Home First-In-Human Clinical Trial Results of CRISPR-Based Gene Editing Therapy NTLA-2001 Announced by Intellia Therapeutics and Regeneron

First-In-Human Clinical Trial Results of CRISPR-Based Gene Editing Therapy NTLA-2001 Announced by Intellia Therapeutics and Regeneron

Jun 27, 2021 17:29 CST Updated Jun 29, 17:29
Intellia Therapeutics

Gene Editing Therapy Developer

Regeneron

Biopharmaceutical Manufacturer

Image Source: Visual China

Reporter |Shen Jiaojiao

Editor |Xie Xin

On June 27, biotechnology companies Intellia Therapeutics and Regeneron jointly announced that the investigational in vivo CRISPR gene-editing therapy NTLA-2001 achieved positive results in a Phase 1 clinical trial, demonstrating both safety and efficacy.

These are also the first globally published clinical trial results for an in vivo CRISPR gene-editing therapy. The trial results were simultaneously published in the leading international medical journal *The New England Journal of Medicine*.

NTLA-2001 therapy is an in vivo gene editing treatment that utilizes lipid nanoparticle (LNP) delivery vectors to deliver mRNA sequences encoding sgRNA targeting the pathogenic TTR gene and an optimized SpCas9 protein to the liver.

In the study, NTLA-2001 was used to treat a severe rare genetic disease called transthyretin amyloidosis (ATTR), which is characterized by the progressive accumulation of misfolded transthyretin (TTR) protein in tissues, primarily in the nerves and heart.

Clinical data show that among the six treated patients, three received a dose of 0.1 mg/kg and three received a dose of 0.3 mg/kg.
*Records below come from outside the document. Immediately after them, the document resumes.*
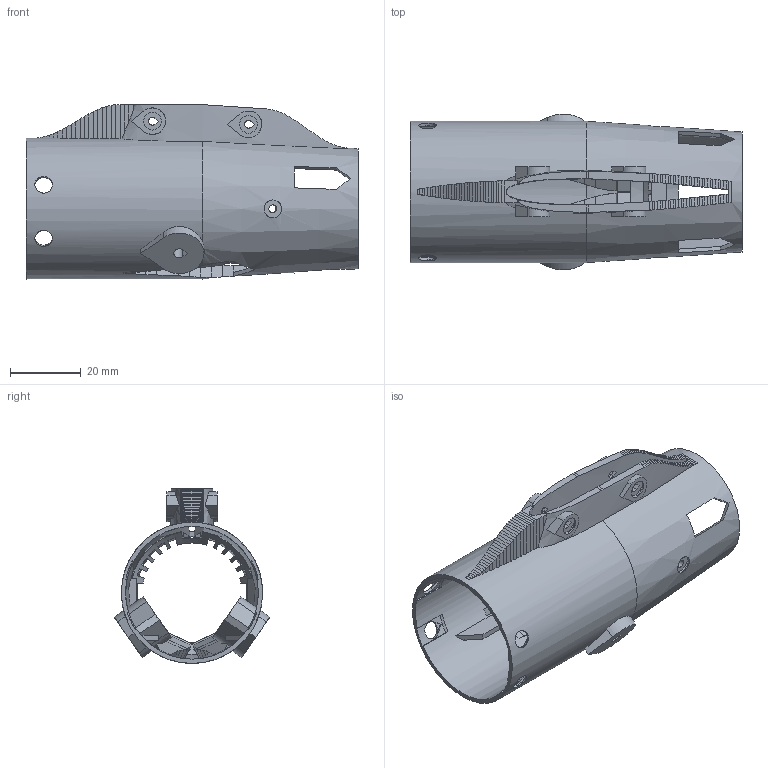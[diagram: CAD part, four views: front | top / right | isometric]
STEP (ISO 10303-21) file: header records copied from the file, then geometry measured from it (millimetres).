
FILE_DESCRIPTION(('SkyG Speed 90B - revision C6B-24 - 2026-10-17','F3-tail-module'),'2;1');
FILE_NAME('F3-tail-module_C6B-24','2026-10-17T13:26:39',('Author'),( 'Open CASCADE'),'Open CASCADE STEP processor 7.9','Open CASCADE 7.9' ,'Unknown');
FILE_SCHEMA(('AUTOMOTIVE_DESIGN { 1 0 10303 214 1 1 1 1 }'));
Products named in the file (1): F3-tail-module C6B-24
Bounding box: 94 x 44.07 x 49.5 mm (x, y, z)
Volume: 19928.6 mm3; surface area: 26719.4 mm2
Topology: 1 solids, 1 shells, 608 faces, 1828 edges, 1222 vertices
Faces by surface type: plane 459, cylinder 98, bspline 39, cone 12
Full cylindrical faces by diameter (mm): 2.2 x2, 37.6 x1, 40 x1
Entity records: 63073 total; most frequent: CARTESIAN_POINT 30864, DIRECTION 4717, ORIENTED_EDGE 3656, PCURVE 3656, DEFINITIONAL_REPRESENTATION 3656, LINE 2412, VECTOR 2412, B_SPLINE_CURVE_WITH_KNOTS 2268
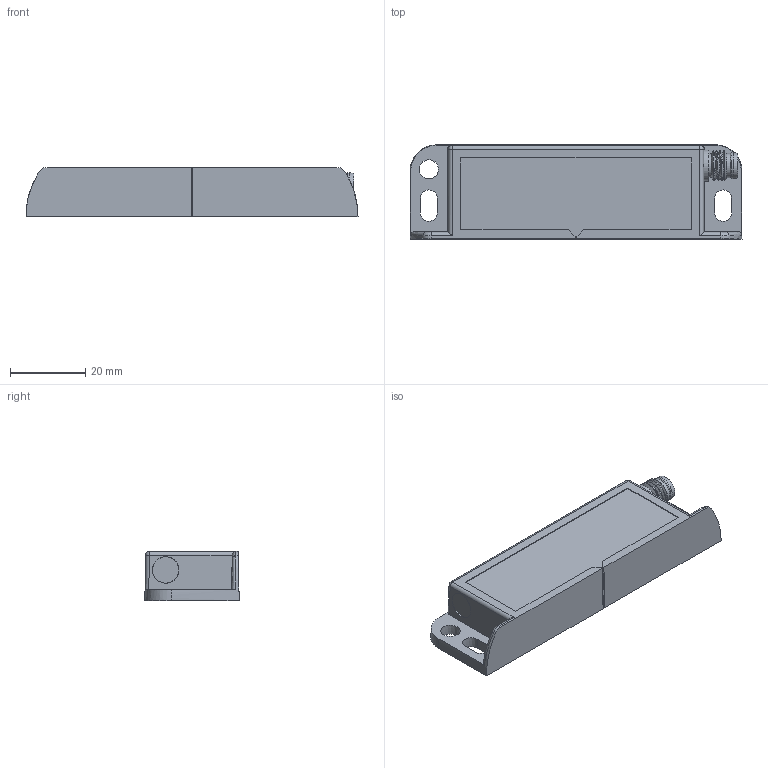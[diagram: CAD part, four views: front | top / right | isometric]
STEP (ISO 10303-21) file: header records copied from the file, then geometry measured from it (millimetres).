
FILE_DESCRIPTION(/* description */ (''),/* implementation_level */ '2;1');
FILE_NAME(/* name */ 'V:/a TO PERSON/Vilius/MC88/Catalogue/CADs/MC88CH2OLM5.step',/* time_stamp */ '2020-10-27T09:35:11+02:00',/* author */ (''),/* organization */ (''),/* preprocessor_version */ 'ST-DEVELOPER v18.1',/* originating_system */ 'Autodesk Translation Framework v9.3.0.1241',/* authorisation */ '');
FILE_SCHEMA (('AUTOMOTIVE_DESIGN { 1 0 10303 214 3 1 1 }'));
Length unit declared in the file: millimetre
Products named in the file (2): MC88CH2OLM5; m8_connector
Assembly tree (1 placements, depth 2):
  MC88CH2OLM5
    m8_connector
Bounding box: 88 x 25 x 13 mm (x, y, z)
Volume: 23838.6 mm3; surface area: 15668.3 mm2
Topology: 8 solids, 8 shells, 182 faces, 459 edges, 297 vertices
Faces by surface type: plane 112, cylinder 41, cone 12, bspline 10, sphere 6, torus 1
Full cylindrical faces by diameter (mm): 1 x4, 5.8 x2, 6.259 x3, 6.44 x1, 6.5 x1, 6.744 x1, 6.937 x1, 7 x2, 7.044 x1, 7.884 x1, 8.25 x1
Entity records: 6513 total; most frequent: CARTESIAN_POINT 2028, ORIENTED_EDGE 910, DIRECTION 889, EDGE_CURVE 455, LINE 319, VECTOR 319, VERTEX_POINT 297, AXIS2_PLACEMENT_3D 285
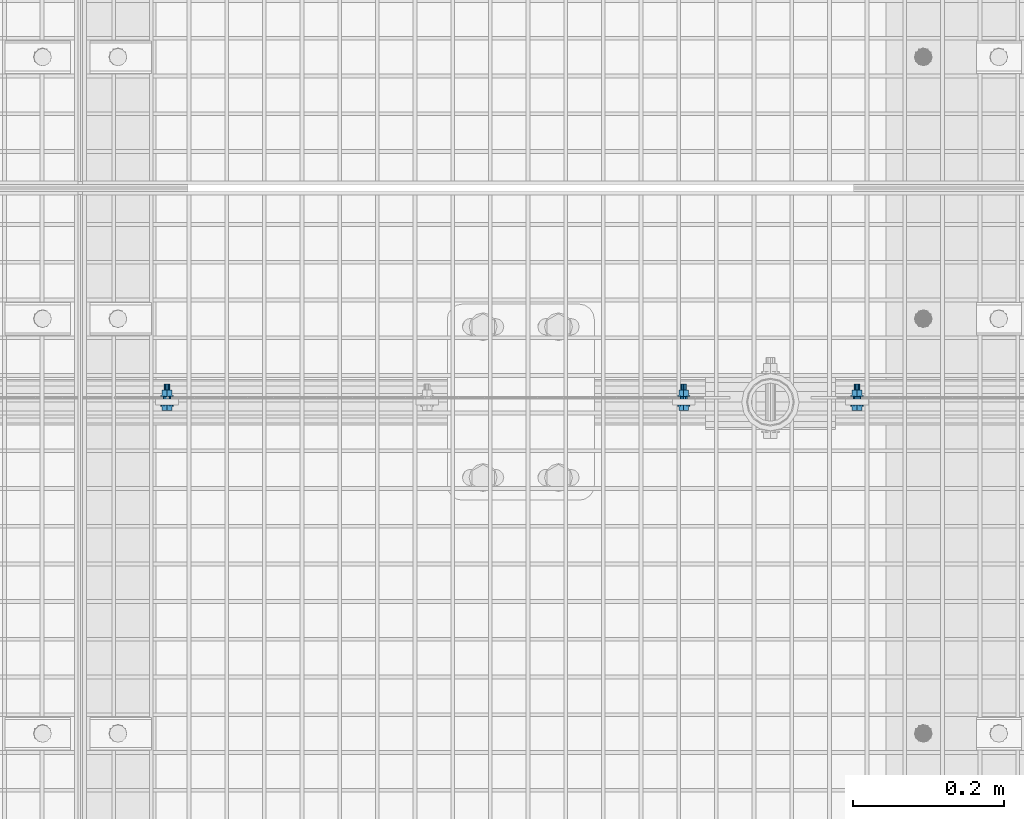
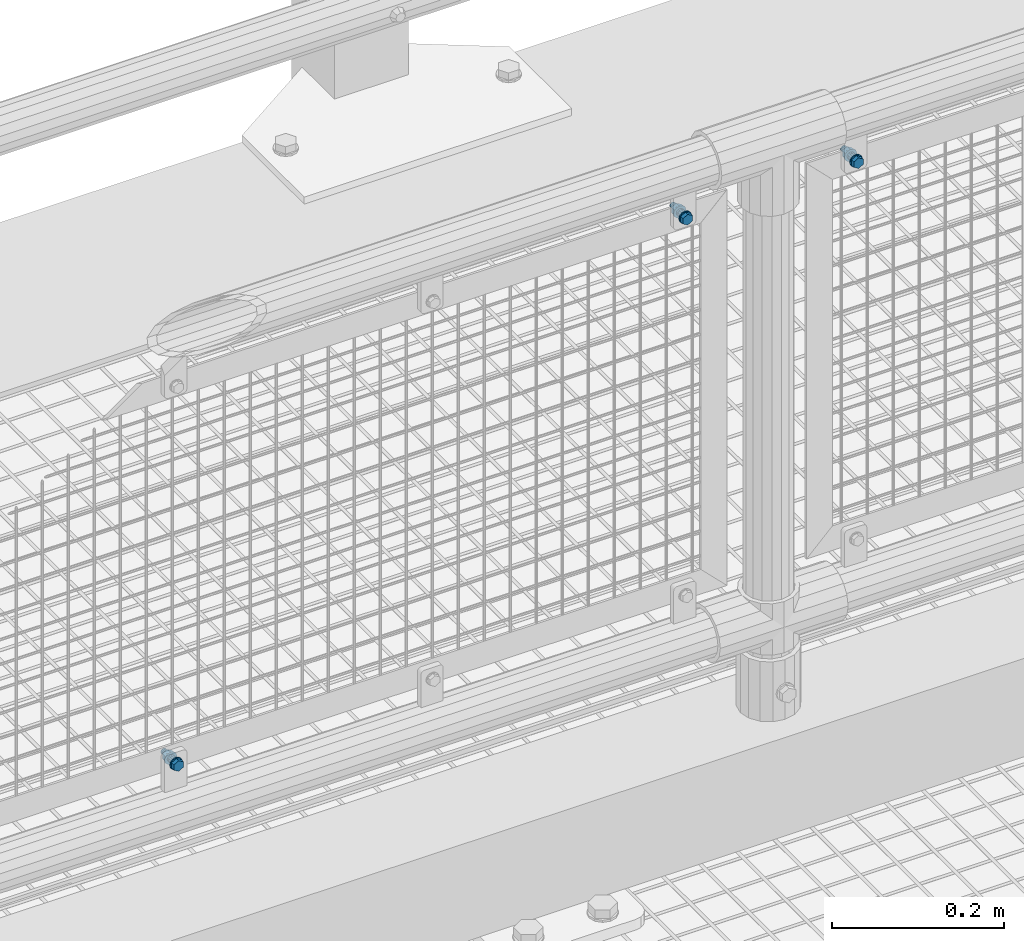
# One storey, part 77 of 1530: 3 mechanical fasteners.
"""IFC2X3 building model written with IfcOpenShell, lengths in millimetres."""

from ifc_helpers import new_model, si_unit, frame, origin_with_axes, place, context, subcontext, project, spatial, faceted_brep, source, transform, mapped, material, type_object, element, save


model = new_model("IFC2X3")

# Units and contexts
model_context = context("Model", 3, precision=1e-05, world=origin_with_axes())
body_context = subcontext(model_context, "Body", "Model", "MODEL_VIEW")
ifc_project = project(units=[si_unit("LENGTHUNIT", "METRE", prefix="MILLI"), si_unit("AREAUNIT", "SQUARE_METRE"), si_unit("VOLUMEUNIT", "CUBIC_METRE"), si_unit("MASSUNIT", "GRAM", prefix="KILO"), si_unit("TIMEUNIT", "SECOND"), si_unit("PLANEANGLEUNIT", "RADIAN"), si_unit("SOLIDANGLEUNIT", "STERADIAN"), si_unit("THERMODYNAMICTEMPERATUREUNIT", "DEGREE_CELSIUS"), si_unit("LUMINOUSINTENSITYUNIT", "LUMEN")], contexts=[model_context])

# Site, building, storey
site_placement = place(None, origin_with_axes())
site = spatial("IfcSite", under=ifc_project, at=site_placement, Name="Brattvåg", CompositionType="ELEMENT")
building_placement = place(site_placement, origin_with_axes())
building = spatial("IfcBuilding", under=site, at=building_placement, Name="Undefined", CompositionType="ELEMENT")
storey_placement = place(building_placement, origin_with_axes())
storey = spatial("IfcBuildingStorey", under=building, at=storey_placement, Name="Undefined", CompositionType="ELEMENT", Elevation=0.0)

# Mechanical fasteners
ifc_material = material(Name="8")
mechanical_fastener_type = type_object("IfcMechanicalFastenerType", Name="Bolt assembly")
shared_shape_1 = source(origin_with_axes(), body_context, "Body", "Brep", [
    faceted_brep([(7.50555349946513, -6.90000021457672, 0.0), (3.75277674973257, -6.90000021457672, 6.5), (-3.75277674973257, -6.90000021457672, 6.5), (-7.50555349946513, -6.90000021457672, 9.19165206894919e-16), (-3.75277674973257, -6.90000021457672, -6.5), (3.75277674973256, -6.90000021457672, -6.5), (3.75277674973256, -1.60000002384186, -6.5), (-3.75277674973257, -1.60000002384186, -6.5), (-7.50555349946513, -1.60000002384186, 9.19165206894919e-16), (-3.75277674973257, -1.60000002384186, 6.5), (3.75277674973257, -1.60000002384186, 6.5), (7.50555349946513, -1.60000002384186, 0.0), (4.0, -1.60000002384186, 0.0), (3.46410161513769, -1.60000002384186, 2.00000000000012), (1.99999999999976, -1.60000002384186, 3.46410161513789), (-4.14534392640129e-13, -1.60000002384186, 4.0), (-2.00000000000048, -1.60000002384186, 3.46410161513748), (-3.4641016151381, -1.60000002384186, 1.9999999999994), (-4.0, -1.60000002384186, -8.29068785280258e-13), (-3.46410161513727, -1.60000002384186, -2.00000000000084), (-1.99999999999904, -1.60000002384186, -3.46410161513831), (1.23916228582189e-12, -1.60000002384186, -4.0), (2.00000000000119, -1.60000002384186, -3.46410161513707), (3.46410161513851, -1.60000002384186, -1.99999999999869), (3.46410161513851, 28.3999999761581, -1.99999999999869), (2.00000000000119, 28.3999999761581, -3.46410161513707), (1.23916228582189e-12, 28.3999999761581, -4.0), (-1.99999999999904, 28.3999999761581, -3.46410161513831), (-3.46410161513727, 28.3999999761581, -2.00000000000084), (-4.0, 28.3999999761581, -8.29068785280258e-13), (-3.4641016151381, 28.3999999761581, 1.9999999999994), (-2.00000000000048, 28.3999999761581, 3.46410161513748), (-4.14534392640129e-13, 28.3999999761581, 4.0), (1.99999999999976, 28.3999999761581, 3.46410161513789), (3.46410161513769, 28.3999999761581, 2.00000000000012), (4.0, 28.3999999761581, 0.0), (8.5, -1.60000002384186, 0.0), (7.36121593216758, -1.60000002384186, 4.25000000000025), (4.24999999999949, -1.60000002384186, 7.36121593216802), (-8.80885584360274e-13, -1.60000002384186, 8.5), (-4.25000000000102, -1.60000002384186, 7.36121593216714), (-7.36121593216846, -1.60000002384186, 4.24999999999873), (-8.5, -1.60000002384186, -1.76177116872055e-12), (-7.3612159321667, -1.60000002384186, -4.25000000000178), (-4.24999999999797, -1.60000002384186, -7.3612159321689), (2.63321985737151e-12, -1.60000002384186, -8.5), (4.25000000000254, -1.60000002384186, -7.36121593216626), (7.36121593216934, -1.60000002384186, -4.24999999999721), (7.36121593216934, 0.0, -4.24999999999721), (4.25000000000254, 0.0, -7.36121593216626), (2.63321985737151e-12, 0.0, -8.5), (-4.24999999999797, 0.0, -7.3612159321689), (-7.3612159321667, 0.0, -4.25000000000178), (-8.5, 0.0, -1.76177116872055e-12), (-7.36121593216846, 0.0, 4.24999999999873), (-4.25000000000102, 0.0, 7.36121593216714), (-8.80885584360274e-13, 0.0, 8.5), (4.24999999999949, 0.0, 7.36121593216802), (7.36121593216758, 0.0, 4.25000000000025), (8.5, 0.0, 0.0), (8.5, 11.5015258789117, 0.0), (7.36121593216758, 11.5015258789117, 4.25000000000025), (4.24999999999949, 11.5015258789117, 7.36121593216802), (-8.80885584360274e-13, 11.5015258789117, 8.5), (-4.25000000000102, 11.5015258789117, 7.36121593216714), (-7.36121593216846, 11.5015258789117, 4.24999999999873), (-8.5, 11.5015258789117, -1.76177116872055e-12), (-7.3612159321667, 11.5015258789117, -4.25000000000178), (-4.24999999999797, 11.5015258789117, -7.3612159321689), (2.63321985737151e-12, 11.5015258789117, -8.5), (4.25000000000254, 11.5015258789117, -7.36121593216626), (7.36121593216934, 11.5015258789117, -4.24999999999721), (7.36121593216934, 13.1015259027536, -4.24999999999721), (4.25000000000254, 13.1015259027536, -7.36121593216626), (2.63321985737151e-12, 13.1015259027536, -8.5), (-4.24999999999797, 13.1015259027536, -7.3612159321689), (-7.3612159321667, 13.1015259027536, -4.25000000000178), (-8.5, 13.1015259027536, -1.76177116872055e-12), (-7.36121593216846, 13.1015259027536, 4.24999999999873), (-4.25000000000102, 13.1015259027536, 7.36121593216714), (-8.80885584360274e-13, 13.1015259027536, 8.5), (4.24999999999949, 13.1015259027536, 7.36121593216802), (7.36121593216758, 13.1015259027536, 4.25000000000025), (8.5, 13.1015259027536, 0.0), (7.50555349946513, 13.1015259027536, 0.0), (3.75277674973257, 13.1015259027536, 6.5), (-3.75277674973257, 13.1015259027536, 6.5), (-7.50555349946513, 13.1015259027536, 9.19165206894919e-16), (-3.75277674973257, 13.1015259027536, -6.5), (3.75277674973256, 13.1015259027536, -6.5), (3.75277674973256, 19.9015260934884, -6.5), (-3.75277674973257, 19.9015260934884, -6.5), (-7.50555349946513, 19.9015260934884, 9.19165206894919e-16), (-3.75277674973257, 19.9015260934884, 6.5), (3.75277674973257, 19.9015260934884, 6.5), (7.50555349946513, 19.9015260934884, 0.0)], [[[0, 1, 2, 3, 4, 5]], [[6, 7, 8, 9, 10, 11]], [[0, 11, 10, 1]], [[1, 10, 9, 2]], [[2, 9, 8, 3]], [[3, 8, 7, 4]], [[4, 7, 6, 5]], [[5, 6, 11, 0]], [[12, 13, 14, 15, 16, 17, 18, 19, 20, 21, 22, 23]], [[24, 25, 26, 27, 28, 29, 30, 31, 32, 33, 34, 35]], [[12, 35, 34, 13]], [[13, 34, 33, 14]], [[14, 33, 32, 15]], [[15, 32, 31, 16]], [[16, 31, 30, 17]], [[17, 30, 29, 18]], [[18, 29, 28, 19]], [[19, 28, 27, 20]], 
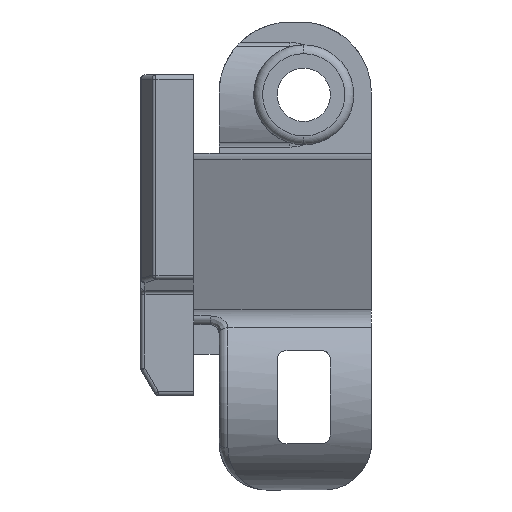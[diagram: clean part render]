
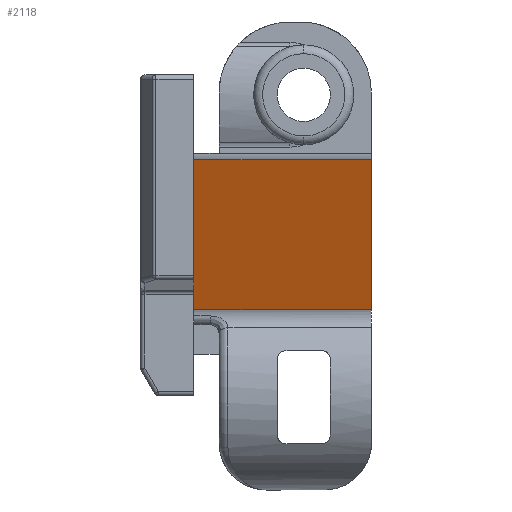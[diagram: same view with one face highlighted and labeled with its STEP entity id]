
A CAD part, left-side view. The second image highlights one B-rep face of the part: STEP entity #2118.
In plain terms, the highlighted planar face has unit normal (-0.934, 0, -0.358).
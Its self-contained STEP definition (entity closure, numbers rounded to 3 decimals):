
#168 = EDGE_LOOP ( 'NONE', ( #5714, #4034, #399, #6332 ) ) ;
#399 = ORIENTED_EDGE ( 'NONE', *, *, #6606, .F. ) ;
#594 = VECTOR ( 'NONE', #3533, 1000. ) ;
#682 = VECTOR ( 'NONE', #7526, 1000. ) ;
#775 = EDGE_CURVE ( 'NONE', #4663, #8521, #818, .T. ) ;
#818 = LINE ( 'NONE', #7927, #4292 ) ;
#1183 = DIRECTION ( 'NONE',  ( 0., 1., 0. ) ) ;
#1564 = EDGE_CURVE ( 'NONE', #5105, #4663, #6125, .T. ) ;
#1830 = DIRECTION ( 'NONE',  ( 0.358, 0., -0.934 ) ) ;
#2118 = ADVANCED_FACE ( 'NONE', ( #8472 ), #8364, .F. ) ;
#2198 = VECTOR ( 'NONE', #1183, 1000. ) ;
#2269 = CARTESIAN_POINT ( 'NONE',  ( -7.889, -20., -18.392 ) ) ;
#3084 = CARTESIAN_POINT ( 'NONE',  ( -14.367, -20., -1.517 ) ) ;
#3241 = LINE ( 'NONE', #6233, #682 ) ;
#3351 = VERTEX_POINT ( 'NONE', #6164 ) ;
#3533 = DIRECTION ( 'NONE',  ( 0., 1., 0. ) ) ;
#3536 = LINE ( 'NONE', #2269, #2198 ) ;
#4034 = ORIENTED_EDGE ( 'NONE', *, *, #6662, .F. ) ;
#4292 = VECTOR ( 'NONE', #5266, 1000. ) ;
#4663 = VERTEX_POINT ( 'NONE', #6599 ) ;
#4833 = AXIS2_PLACEMENT_3D ( 'NONE', #3084, #7089, #1830 ) ;
#5105 = VERTEX_POINT ( 'NONE', #5899 ) ;
#5266 = DIRECTION ( 'NONE',  ( 0.358, 0., -0.934 ) ) ;
#5641 = CARTESIAN_POINT ( 'NONE',  ( -14.367, -20., -1.517 ) ) ;
#5714 = ORIENTED_EDGE ( 'NONE', *, *, #775, .T. ) ;
#5899 = CARTESIAN_POINT ( 'NONE',  ( -14.367, -20., -1.517 ) ) ;
#6125 = LINE ( 'NONE', #5641, #594 ) ;
#6164 = CARTESIAN_POINT ( 'NONE',  ( -7.889, -20., -18.392 ) ) ;
#6233 = CARTESIAN_POINT ( 'NONE',  ( -14.367, -20., -1.517 ) ) ;
#6332 = ORIENTED_EDGE ( 'NONE', *, *, #1564, .T. ) ;
#6521 = CARTESIAN_POINT ( 'NONE',  ( -7.889, 0., -18.392 ) ) ;
#6599 = CARTESIAN_POINT ( 'NONE',  ( -14.367, 0., -1.517 ) ) ;
#6606 = EDGE_CURVE ( 'NONE', #5105, #3351, #3241, .T. ) ;
#6662 = EDGE_CURVE ( 'NONE', #3351, #8521, #3536, .T. ) ;
#7089 = DIRECTION ( 'NONE',  ( 0.934, 0., 0.358 ) ) ;
#7526 = DIRECTION ( 'NONE',  ( 0.358, 0., -0.934 ) ) ;
#7927 = CARTESIAN_POINT ( 'NONE',  ( -14.367, 0., -1.517 ) ) ;
#8364 = PLANE ( 'NONE',  #4833 ) ;
#8472 = FACE_OUTER_BOUND ( 'NONE', #168, .T. ) ;
#8521 = VERTEX_POINT ( 'NONE', #6521 ) ;
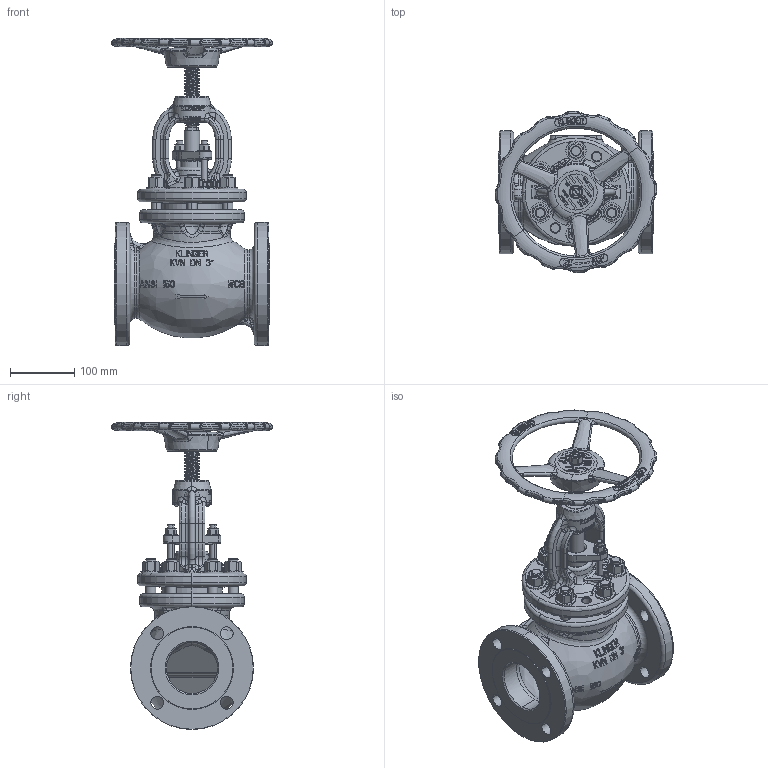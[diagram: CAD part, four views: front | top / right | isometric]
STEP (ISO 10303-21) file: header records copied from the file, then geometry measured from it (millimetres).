
FILE_DESCRIPTION((''),'2;1');
FILE_NAME('KVNFL-3-S-----C150PGG_SW0001','2026-09-28T13:15:34',('jeitlers'),('KLINGER'),'CREO PARAMETRIC BY PTC INC, 2025443','CREO PARAMETRIC BY PTC INC, 2025443','');
FILE_SCHEMA(('CONFIG_CONTROL_DESIGN'));
Products named in the file (1): KVNFL-3-S-----C150PGG_SW0001
Bounding box: 249.98 x 249.98 x 476.6 mm (x, y, z)
Volume: 4119067.4 mm3; surface area: 705737.9 mm2
Topology: 1 solids, 11 shells, 4766 faces, 12460 edges, 7846 vertices
Faces by surface type: plane 2641, bspline 795, cylinder 674, torus 349, cone 249, sphere 58
Entity records: 253585 total; most frequent: CARTESIAN_POINT 144956, ORIENTED_EDGE 24912, DIRECTION 19481, EDGE_CURVE 12456, VERTEX_POINT 7846, AXIS2_PLACEMENT_3D 6895, VECTOR 5691, LINE 5691

Twenty-eight days after treatment, plasma TTR protein levels in patients receiving the two different doses decreased by an average of 52% and 87%, respectively. No serious adverse events were observed.

John Leonard, CEO of Intellia Therapeutics, stated that the results of this clinical trial indicate that NTLA-2001 may halt the progression of transthyretin amyloidosis (ATTR) disease and reverse its devastating complications with a single injection. This clinical trial also addresses the challenge of delivering CRISPR to the liver, opening the door for the treatment of other genetic diseases. He further stated that the company will rapidly advance this therapy while expanding its existing R&D pipeline.

The Chinese public may be unfamiliar with Intellia Therapeutics, a company founded by Jennifer Doudna, the 2020 Nobel Laureate in Chemistry, who was awarded the Nobel Prize for her outstanding contributions to CRISPR-Cas9 gene-editing technology.

CRISPR-Cas9, also known as the "genetic scissors" technology, is currently the most promising gene-editing technology. CRISPR stands for "Clustered Regularly Interspaced Short Palindromic Repeats," a mechanism used by bacteria to defend against viral invasion. Compared to previous technologies, CRISPR-Cas9 offers advantages such as low cost, ease of use, and high efficiency. It can even alter the code of life—DNA—within a matter of weeks, making gene editing and modification "routine," and has thus swept through the entire biological sciences community.

Using these technologies, researchers can alter the DNA of animals, plants, and microorganisms with extreme precision. This technology has revolutionized the life sciences, creating new opportunities in plant breeding, holding promise for innovative cancer therapies, and potentially turning the dream of curing genetic diseases into reality.

When presenting the 2020 Nobel Prize in Chemistry to Jennifer Doudna and Emmanuelle Charpentier, Claes Gustafsson, Chairman of the Nobel Committee for Chemistry, stated that genetic tools possess immense power and impact us all. They have not only revolutionized basic science, but also yielded new crops, and will lead to breakthrough novel medical therapies.

And now, as CRISPR technology takes a major step forward in clinical trials, the "breakthrough novel medical therapies" anticipated by Claes Gustafsson may no longer be far off.